== EXERCISE INPUTS ==
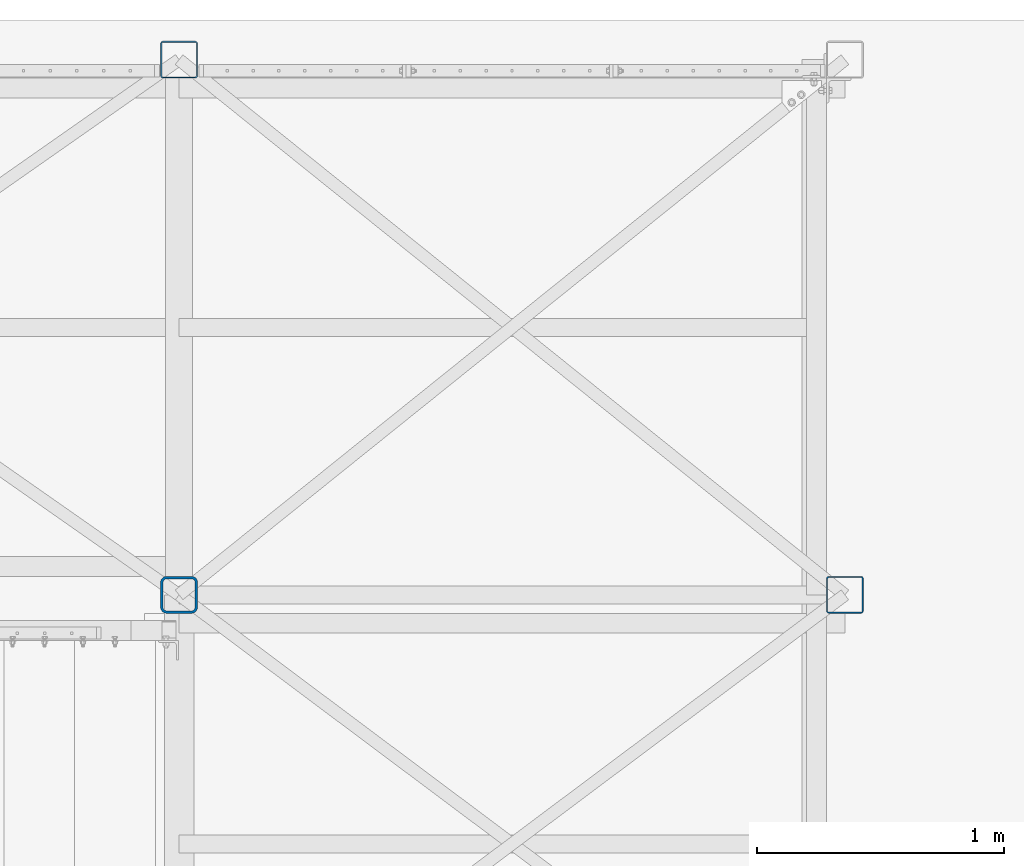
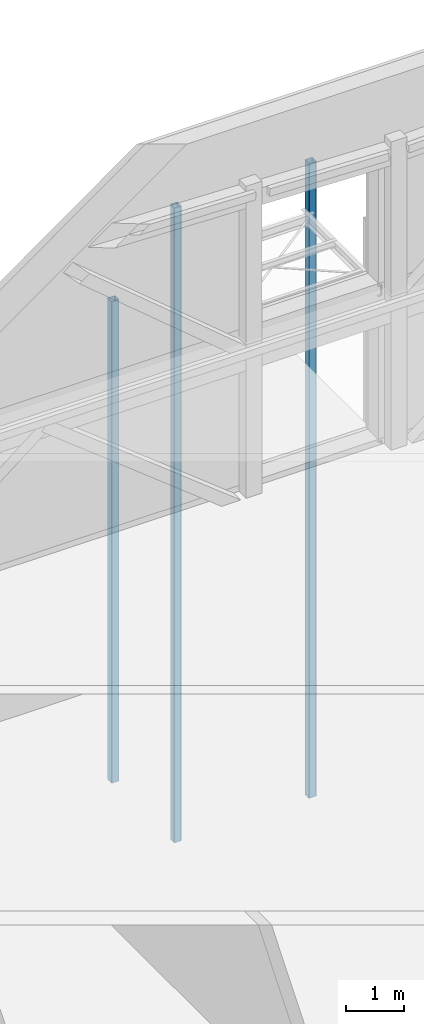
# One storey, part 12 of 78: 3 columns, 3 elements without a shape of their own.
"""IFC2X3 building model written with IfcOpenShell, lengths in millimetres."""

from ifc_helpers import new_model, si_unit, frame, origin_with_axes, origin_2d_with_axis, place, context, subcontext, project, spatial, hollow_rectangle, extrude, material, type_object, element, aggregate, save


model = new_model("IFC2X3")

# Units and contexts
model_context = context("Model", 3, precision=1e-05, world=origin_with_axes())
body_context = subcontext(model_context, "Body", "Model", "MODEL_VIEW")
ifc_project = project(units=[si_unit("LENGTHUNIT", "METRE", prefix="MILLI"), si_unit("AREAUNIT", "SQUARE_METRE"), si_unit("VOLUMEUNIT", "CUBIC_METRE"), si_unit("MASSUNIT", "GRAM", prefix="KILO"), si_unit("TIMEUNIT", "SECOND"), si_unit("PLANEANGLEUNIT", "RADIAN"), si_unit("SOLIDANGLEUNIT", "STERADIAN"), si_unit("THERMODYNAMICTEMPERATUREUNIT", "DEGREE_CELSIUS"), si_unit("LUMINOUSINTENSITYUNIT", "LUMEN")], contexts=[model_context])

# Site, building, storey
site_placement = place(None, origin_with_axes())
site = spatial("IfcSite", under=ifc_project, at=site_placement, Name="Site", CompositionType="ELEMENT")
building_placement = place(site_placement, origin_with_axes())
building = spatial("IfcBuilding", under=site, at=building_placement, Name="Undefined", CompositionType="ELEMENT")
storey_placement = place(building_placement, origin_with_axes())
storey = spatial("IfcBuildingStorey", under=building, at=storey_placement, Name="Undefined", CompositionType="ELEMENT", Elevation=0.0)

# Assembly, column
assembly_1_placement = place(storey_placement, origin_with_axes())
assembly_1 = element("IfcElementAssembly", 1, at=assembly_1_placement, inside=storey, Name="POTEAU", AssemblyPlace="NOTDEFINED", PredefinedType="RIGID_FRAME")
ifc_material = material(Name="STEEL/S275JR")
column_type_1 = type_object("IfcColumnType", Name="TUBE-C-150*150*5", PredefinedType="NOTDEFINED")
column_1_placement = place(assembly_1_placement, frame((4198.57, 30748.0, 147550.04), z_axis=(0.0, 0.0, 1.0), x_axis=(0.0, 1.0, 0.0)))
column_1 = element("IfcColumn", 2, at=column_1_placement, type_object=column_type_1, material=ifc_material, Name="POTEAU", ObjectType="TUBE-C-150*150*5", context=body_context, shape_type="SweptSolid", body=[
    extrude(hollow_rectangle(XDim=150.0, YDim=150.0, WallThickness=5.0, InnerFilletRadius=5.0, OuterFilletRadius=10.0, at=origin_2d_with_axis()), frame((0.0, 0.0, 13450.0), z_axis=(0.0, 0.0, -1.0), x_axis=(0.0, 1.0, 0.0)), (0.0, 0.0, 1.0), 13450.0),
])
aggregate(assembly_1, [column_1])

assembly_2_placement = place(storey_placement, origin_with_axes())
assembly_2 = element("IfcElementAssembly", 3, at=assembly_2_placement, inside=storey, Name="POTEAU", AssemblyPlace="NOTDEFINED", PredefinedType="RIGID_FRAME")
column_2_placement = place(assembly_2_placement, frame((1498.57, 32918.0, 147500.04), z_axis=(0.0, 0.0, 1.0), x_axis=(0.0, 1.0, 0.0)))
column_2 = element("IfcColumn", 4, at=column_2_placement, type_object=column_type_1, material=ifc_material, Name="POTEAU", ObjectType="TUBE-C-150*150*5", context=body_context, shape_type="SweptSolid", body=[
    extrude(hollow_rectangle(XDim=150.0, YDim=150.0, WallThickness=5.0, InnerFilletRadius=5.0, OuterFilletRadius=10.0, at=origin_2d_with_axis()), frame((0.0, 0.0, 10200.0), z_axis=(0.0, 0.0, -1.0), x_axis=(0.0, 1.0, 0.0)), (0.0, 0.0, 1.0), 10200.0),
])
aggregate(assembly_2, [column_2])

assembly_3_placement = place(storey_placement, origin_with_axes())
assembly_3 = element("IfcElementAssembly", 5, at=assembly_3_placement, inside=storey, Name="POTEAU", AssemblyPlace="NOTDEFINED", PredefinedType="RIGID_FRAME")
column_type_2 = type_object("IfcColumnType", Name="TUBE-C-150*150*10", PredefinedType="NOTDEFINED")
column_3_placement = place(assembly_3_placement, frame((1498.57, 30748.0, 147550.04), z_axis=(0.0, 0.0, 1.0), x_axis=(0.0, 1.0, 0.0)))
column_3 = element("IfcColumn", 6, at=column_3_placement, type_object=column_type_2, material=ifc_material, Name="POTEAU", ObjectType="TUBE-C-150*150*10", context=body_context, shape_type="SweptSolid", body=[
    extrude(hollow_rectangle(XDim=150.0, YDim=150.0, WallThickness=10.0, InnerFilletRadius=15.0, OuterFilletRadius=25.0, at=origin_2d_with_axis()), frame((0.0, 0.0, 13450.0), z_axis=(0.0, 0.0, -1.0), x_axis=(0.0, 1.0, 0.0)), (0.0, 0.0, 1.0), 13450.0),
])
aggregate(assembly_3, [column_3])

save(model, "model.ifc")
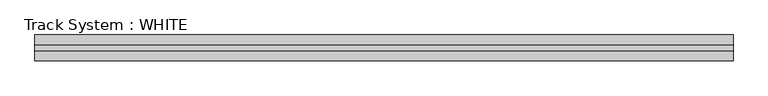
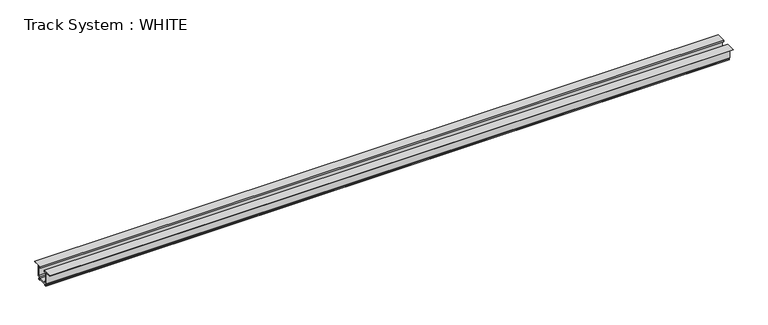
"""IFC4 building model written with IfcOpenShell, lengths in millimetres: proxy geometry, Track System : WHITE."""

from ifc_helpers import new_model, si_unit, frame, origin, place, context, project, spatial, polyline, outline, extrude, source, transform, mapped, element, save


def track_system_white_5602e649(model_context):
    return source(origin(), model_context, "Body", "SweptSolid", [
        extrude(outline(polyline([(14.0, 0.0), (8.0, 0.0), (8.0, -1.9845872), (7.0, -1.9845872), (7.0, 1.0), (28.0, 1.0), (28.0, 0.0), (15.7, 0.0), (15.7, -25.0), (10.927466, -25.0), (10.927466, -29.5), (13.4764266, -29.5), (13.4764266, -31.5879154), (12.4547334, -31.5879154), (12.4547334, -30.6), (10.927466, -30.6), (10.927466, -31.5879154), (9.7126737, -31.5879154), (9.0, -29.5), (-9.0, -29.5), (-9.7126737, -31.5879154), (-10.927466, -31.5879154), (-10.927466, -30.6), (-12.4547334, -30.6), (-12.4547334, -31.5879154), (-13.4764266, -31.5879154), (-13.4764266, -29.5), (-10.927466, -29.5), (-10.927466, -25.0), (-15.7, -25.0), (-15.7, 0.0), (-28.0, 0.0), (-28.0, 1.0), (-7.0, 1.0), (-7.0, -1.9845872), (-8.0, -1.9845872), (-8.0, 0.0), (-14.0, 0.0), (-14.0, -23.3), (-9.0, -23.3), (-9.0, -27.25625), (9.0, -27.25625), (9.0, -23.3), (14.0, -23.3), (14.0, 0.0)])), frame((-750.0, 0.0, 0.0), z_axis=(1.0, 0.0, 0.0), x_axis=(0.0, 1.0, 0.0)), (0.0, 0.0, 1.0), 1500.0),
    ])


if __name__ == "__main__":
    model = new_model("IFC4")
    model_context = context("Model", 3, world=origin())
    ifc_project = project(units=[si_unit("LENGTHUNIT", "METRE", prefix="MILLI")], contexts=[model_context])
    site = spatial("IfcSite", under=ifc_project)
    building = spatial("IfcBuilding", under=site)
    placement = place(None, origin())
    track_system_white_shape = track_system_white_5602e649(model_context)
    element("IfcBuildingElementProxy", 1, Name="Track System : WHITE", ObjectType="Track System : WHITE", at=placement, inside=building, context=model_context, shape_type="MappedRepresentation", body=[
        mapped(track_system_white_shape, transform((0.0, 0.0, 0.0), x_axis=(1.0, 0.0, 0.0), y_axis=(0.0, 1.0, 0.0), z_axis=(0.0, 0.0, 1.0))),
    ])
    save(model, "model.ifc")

== ABOUT THIS EXERCISE ==
Across the whole listing, tally the lines that include the string "IfcColumnType". Reply with the number only.

== YOUR RESPONSE ==
2